Bio prepared by Sonya Nevin, University of Roehampton, sonya.nevin@roehampton.ac.uk 


Female portrait

Louie Stowell , b. 1978
(Author)

Louie Stowell is a children's author specialising in non-fiction and in retellings of myths. She draws comics and has published work on how to make comics. Louie Stowell is an in-house writer for Usborne Publishing and Editorial Director for Ladybird. She also writes interactive fiction for Fiction Express. Under the Usborne banner, Louie has written numerous activity books, story books, non-fiction texts and creative writing guides for children of all ages. Born and raised in London, Louie studied English Literature at Exeter College Oxford, and now runs story-writing and comic-making workshops at schools and literary festivals. She draws upon ancient myths and fairytales in her writing, and is the author of the webcomic, Deus Ex Suburbia, which is about gods living in the suburbs. Her debut literary series, The Dragon in the Library, is due to be published in 2018 by Nosy Crow Publishing. She has a forthcoming second series, with the same publisher, due to be published in 2019. 


Profile at the johnsonandalcock.co.uk (accessed: Sepember 28, 2018)

Profile at the greenhouseliterary.com (accessed:  September 28, 2018)

Webcomic at the godsnextdoor.wordpress.com (accessed: September 28, 2018)


Bio prepared by Sonya Nevin, University of Roehampton, sonya.nevin@roehampton.ac.uk and Kylie Constantine, University of New England, kconstan@myune.edu.au


Summary

Illustrated Stories From the Greek Myths is a highly illustrated collection of short stories for children or young teens.


Contents:

The Wooden Horse: Russell Punter (Author) and Matteo Pincelli (Illustrator),

The Minotaur: Russell Punter (Author) and Linda Cavallini (Illustrator),

Bellerophon and Pegasus: Susanna Davidson (Author) and Simona Bursi (Illustrator),

The Twelve Tasks of Heracles: Alex Frith (Author) and Matteo Pincelli (Illustrator),

Perseus and the Gorgon: Lesley Sims (Author) and Simona Bursi (Illustrator),

The Odyssey: Louie Stowell (Author) and Matteo Pincelli (Illustrator),


More Myths and A Guide to the Gods (summaries). 

Creation

Pandora's Box

How the Seasons Came To Be

Jason and the Golden Fleece

Paris and the Beauty Contest

Achilles (summary of the heel story).

Icarus and Daedalus

Gods and Goddesses – a Guide: a summary of areas of influence.

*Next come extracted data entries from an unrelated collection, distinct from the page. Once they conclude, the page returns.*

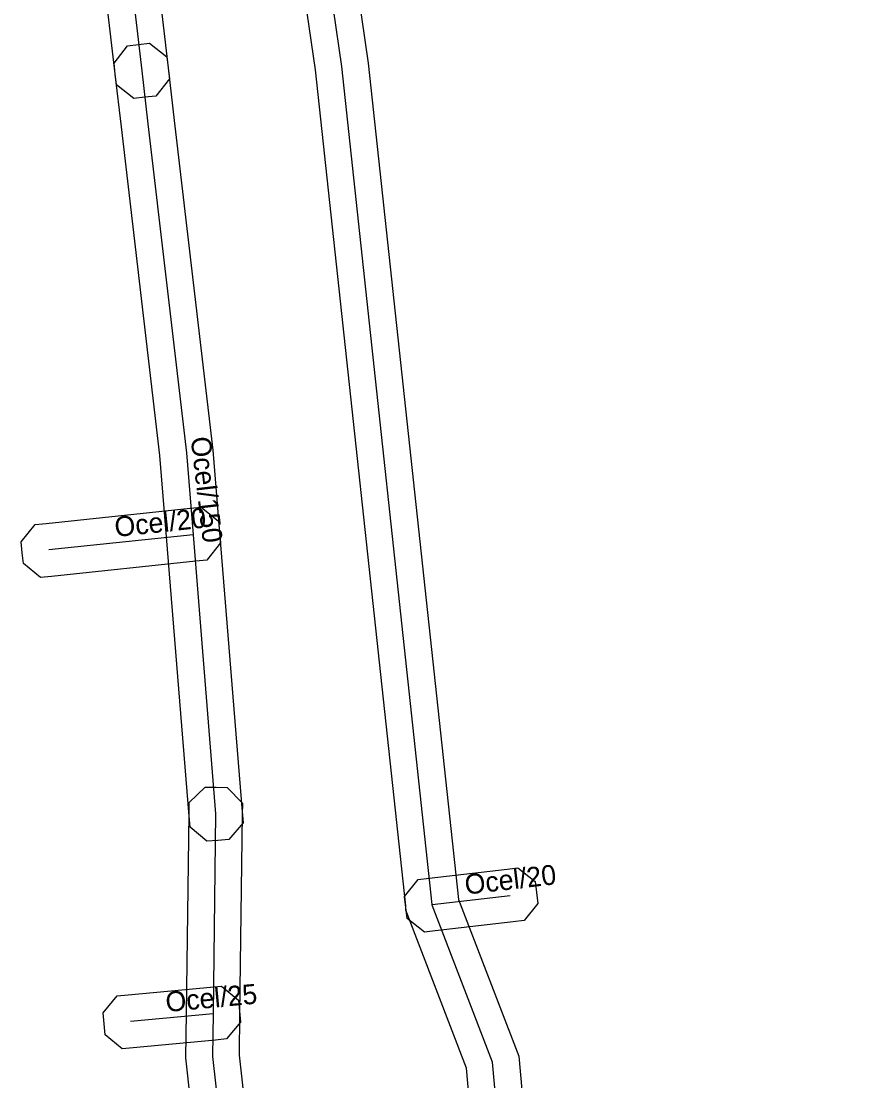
# Model space of a CAD drawing. Extents: x -569373 to -565022, y -1135090 to -1131496.
# Drawn here: x -565664.14 to -565632.13, y -1133335.9 to -1133296.04 of the extents above; entities that cross this region are included whole.
import ezdxf

# ---------------------------------------------------------------- set-up
doc = ezdxf.new("R2010")
doc.units = 0
for name, color, linetype in [('1', 7, 'Continuous'), ('24', 7, 'Continuous'), ('30', 7, 'Continuous')]:
    doc.layers.add(name, color=color, linetype=linetype)

msp = doc.modelspace()

# ---------------------------------------------------------------- linework, layer by layer
at = {"layer": '1'}
for points in [[(-565646.525, -1133345.02), (-565647.384, -1133335.429), (-565649.67, -1133329.486), (-565649.67, -1133329.321), (-565653.062, -1133297.866), (-565653.689, -1133293.565), (-565654.495, -1133288.118), (-565653.151, -1133285.389), (-565653.17, -1133280.304), (-565653.172, -1133279.89), (-565652.588, -1133279.302), (-565652.174, -1133279.3), (-565651.76, -1133279.298), (-565651.172, -1133279.882), (-565651.17, -1133280.296), (-565651.149, -1133285.851), (-565652.425, -1133288.442), (-565651.711, -1133293.275), (-565651.078, -1133297.614), (-565647.685, -1133329.076), (-565645.416, -1133334.971), (-565644.535, -1133344.82)], [(-565657.574, -1133338.331), (-565657.941, -1133335.039), (-565657.92, -1133333.357), (-565657.82, -1133325.847), (-565657.815, -1133325.433), (-565657.221, -1133324.855), (-565656.807, -1133324.86), (-565656.393, -1133324.865), (-565655.815, -1133325.459), (-565655.82, -1133325.873), (-565655.92, -1133333.383), (-565655.939, -1133334.941), (-565655.586, -1133338.109)]]:
    msp.add_lwpolyline(points, dxfattribs=at)
for points in [[(-565660.439, -1133282.186), (-565660.391, -1133282.598), (-565658.611, -1133297.794), (-565658.563, -1133298.205), (-565659.076, -1133298.855), (-565659.488, -1133298.903), (-565659.899, -1133298.951), (-565660.549, -1133298.438), (-565660.597, -1133298.026), (-565662.377, -1133282.83), (-565662.425, -1133282.419), (-565661.912, -1133281.769), (-565661.5, -1133281.721), (-565661.089, -1133281.673)], [(-565658.659, -1133297.382), (-565658.611, -1133297.793), (-565658.378, -1133299.78), (-565656.925, -1133312.181), (-565656.673, -1133315.279), (-565655.823, -1133325.779), (-565655.79, -1133326.192), (-565656.326, -1133326.823), (-565656.739, -1133326.857), (-565657.152, -1133326.89), (-565657.783, -1133326.354), (-565657.817, -1133325.941), (-565658.667, -1133315.441), (-565658.915, -1133312.379), (-565660.364, -1133300.012), (-565660.597, -1133298.027), (-565660.645, -1133297.615), (-565660.132, -1133296.965), (-565659.721, -1133296.917), (-565659.309, -1133296.869)], [(-565657.154, -1133316.312), (-565657.566, -1133316.355), (-565662.996, -1133316.925), (-565663.408, -1133316.968), (-565664.052, -1133316.446), (-565664.095, -1133316.034), (-565664.138, -1133315.622), (-565663.616, -1133314.978), (-565663.204, -1133314.935), (-565657.774, -1133314.365), (-565657.362, -1133314.322), (-565656.718, -1133314.844), (-565656.675, -1133315.256), (-565656.632, -1133315.668)], [(-565649.197, -1133328.325), (-565648.785, -1133328.277), (-565645.855, -1133327.937), (-565645.444, -1133327.889), (-565644.795, -1133328.403), (-565644.747, -1133328.815), (-565644.699, -1133329.226), (-565645.213, -1133329.875), (-565645.625, -1133329.923), (-565648.555, -1133330.263), (-565648.966, -1133330.311), (-565649.615, -1133329.797), (-565649.663, -1133329.385), (-565649.711, -1133328.974)], [(-565660.526, -1133332.703), (-565660.113, -1133332.664), (-565657.013, -1133332.374), (-565656.6, -1133332.335), (-565655.963, -1133332.864), (-565655.924, -1133333.277), (-565655.885, -1133333.69), (-565656.414, -1133334.327), (-565656.827, -1133334.366), (-565659.927, -1133334.656), (-565660.34, -1133334.695), (-565660.977, -1133334.166), (-565661.016, -1133333.753), (-565661.055, -1133333.34)]]:
    msp.add_lwpolyline(points, close=True, dxfattribs=at)
at = {"layer": '24'}
for points in [[(-565632.13, -1133459.49), (-565635.18, -1133435.22), (-565636.392, -1133425.015), (-565638.801, -1133404.72), (-565639.7, -1133397.15), (-565643.15, -1133366.24), (-565644.64, -1133352.93), (-565645.53, -1133344.92), (-565646.4, -1133335.2), (-565648.67, -1133329.3), (-565648.67, -1133329.27), (-565652.07, -1133297.74), (-565652.7, -1133293.42), (-565653.46, -1133288.28), (-565652.15, -1133285.62), (-565652.17, -1133280.3)], [(-565661.384, -1133282.714), (-565659.604, -1133297.91)], [(-565659.604, -1133297.91), (-565659.371, -1133299.896), (-565657.92, -1133312.28), (-565657.67, -1133315.36), (-565656.82, -1133325.86)], [(-565657.67, -1133315.36), (-565663.1, -1133315.93)], [(-565656.82, -1133325.86), (-565656.92, -1133333.37), (-565656.94, -1133334.99), (-565656.58, -1133338.22), (-565653.69, -1133364.1), (-565653.18, -1133368.61), (-565651.02, -1133387.94), (-565650.91, -1133389.12), (-565648.81, -1133412.08), (-565648.19, -1133418.69), (-565646.37, -1133438.06), (-565643.28, -1133468)], [(-565648.67, -1133329.27), (-565645.74, -1133328.93)], [(-565660.02, -1133333.66), (-565656.92, -1133333.37)]]:
    msp.add_lwpolyline(points, dxfattribs=at)

# ---------------------------------------------------------------- texts
at = {"layer": '30'}
for s, rotation, p in [('Ocel/150', 276.6827, (-565657.763, -1133311.711)), ('Ocel/20', 5.9925, (-565660.585, -1133315.445)), ('Ocel/20', 6.6191, (-565647.405, -1133328.9)), ('Ocel/25', 5.3444, (-565658.67, -1133333.315))]:
    msp.add_text(s, height=0.75, rotation=rotation, dxfattribs=at).set_placement(p)

doc.saveas('drawing.dxf')
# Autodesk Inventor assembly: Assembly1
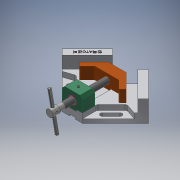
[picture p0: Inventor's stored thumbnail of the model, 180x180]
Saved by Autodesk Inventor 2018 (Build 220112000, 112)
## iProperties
Created: 2019-04
Part Number: Assembly1
Document SubType Name: Assembly
Designer: Administrator
Author: Administrator
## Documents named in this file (10)
- C:\Users\expoc\Desktop\490408V1009\Assembly1.iam
- C:\Users\expoc\Desktop\490408V1009\본체.ipt
- C:\Users\expoc\Desktop\490408V1009\리드스크류.ipt
- C:\Users\expoc\Desktop\490408V1009\서포트.ipt
- C:\Users\expoc\Desktop\490408V1009\조.ipt
- C:\Users\expoc\Desktop\490408V1009\부시.ipt
- C:\Users\expoc\Desktop\490408V1009\핸들.ipt
- C:\Users\expoc\Desktop\490408V1009\멈춤나사 M4x10.ipt
- C:\Users\expoc\Desktop\490408V1009\평행 핀 2.5x24.ipt
- C:\Users\expoc\Desktop\490408V1009\볼트 M4x16.ipt
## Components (1 placed, 1 different names)
1. 핸들:1 — Mate:12, Mate:13
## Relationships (2: Mate 2)
- Mate:12: 핸들:1
- Mate:13: 핸들:1

A note about names – Greek-Roman equivalents

Map of ancient Greece – with myths marked on it.

Analysis

All of these stories are set in antiquity, as indicated through clothing, architecture, armaments, and, in some cases, a historical note associating the stories with a particular period.

The Wooden Horse tells the story of the Trojan War with emphasis on Helen's perspective. She "wasn't happy" with Menelaus; she falls for Paris and agrees to go with him. The illustration of the wooden horse reflects that from the 2004 film, Troy, demonstrating the far-reaching influence of that film upon visual conceptualisations of the mythical past. During the sack of Troy, Helen sees Paris killed by an arrow (as in the Little Iliad, 1); she expects that Menelaus will lock her up or kill her, so she is frightened when she is captured. When Menelaus forgives her, she realises that she has no choice but to return to Greece: "At least I escaped with my life" she thought, as she sailed away. The story concludes with Menelaus happy aboard ship, reunited with his queen, whose beauty had launched a thousand ships. This final phrase is an echo of Christopher Marlowe's sixteenth-century play, Doctor Faustus (Act 5, Sc.1). By including the paraphrase of Faustus in this retelling, the author familiarises young readers with this aspect of the later Troy tradition, as well as the ancient. By hearing it early in their lives, in this context, young readers are being inducted into a wider cultural tradition and helped to relate the lines of the play to their knowledge of myth. Through the focus on Helen's perspective, young readers are invited to consider the precariousness of her situation and, as such, to think critically and sympathetically about her actions. This runs counter to the many retellings which seek to blame Helen in a more straightforward way, and arguably encourages young readers towards a more open-minded view of this and other myths.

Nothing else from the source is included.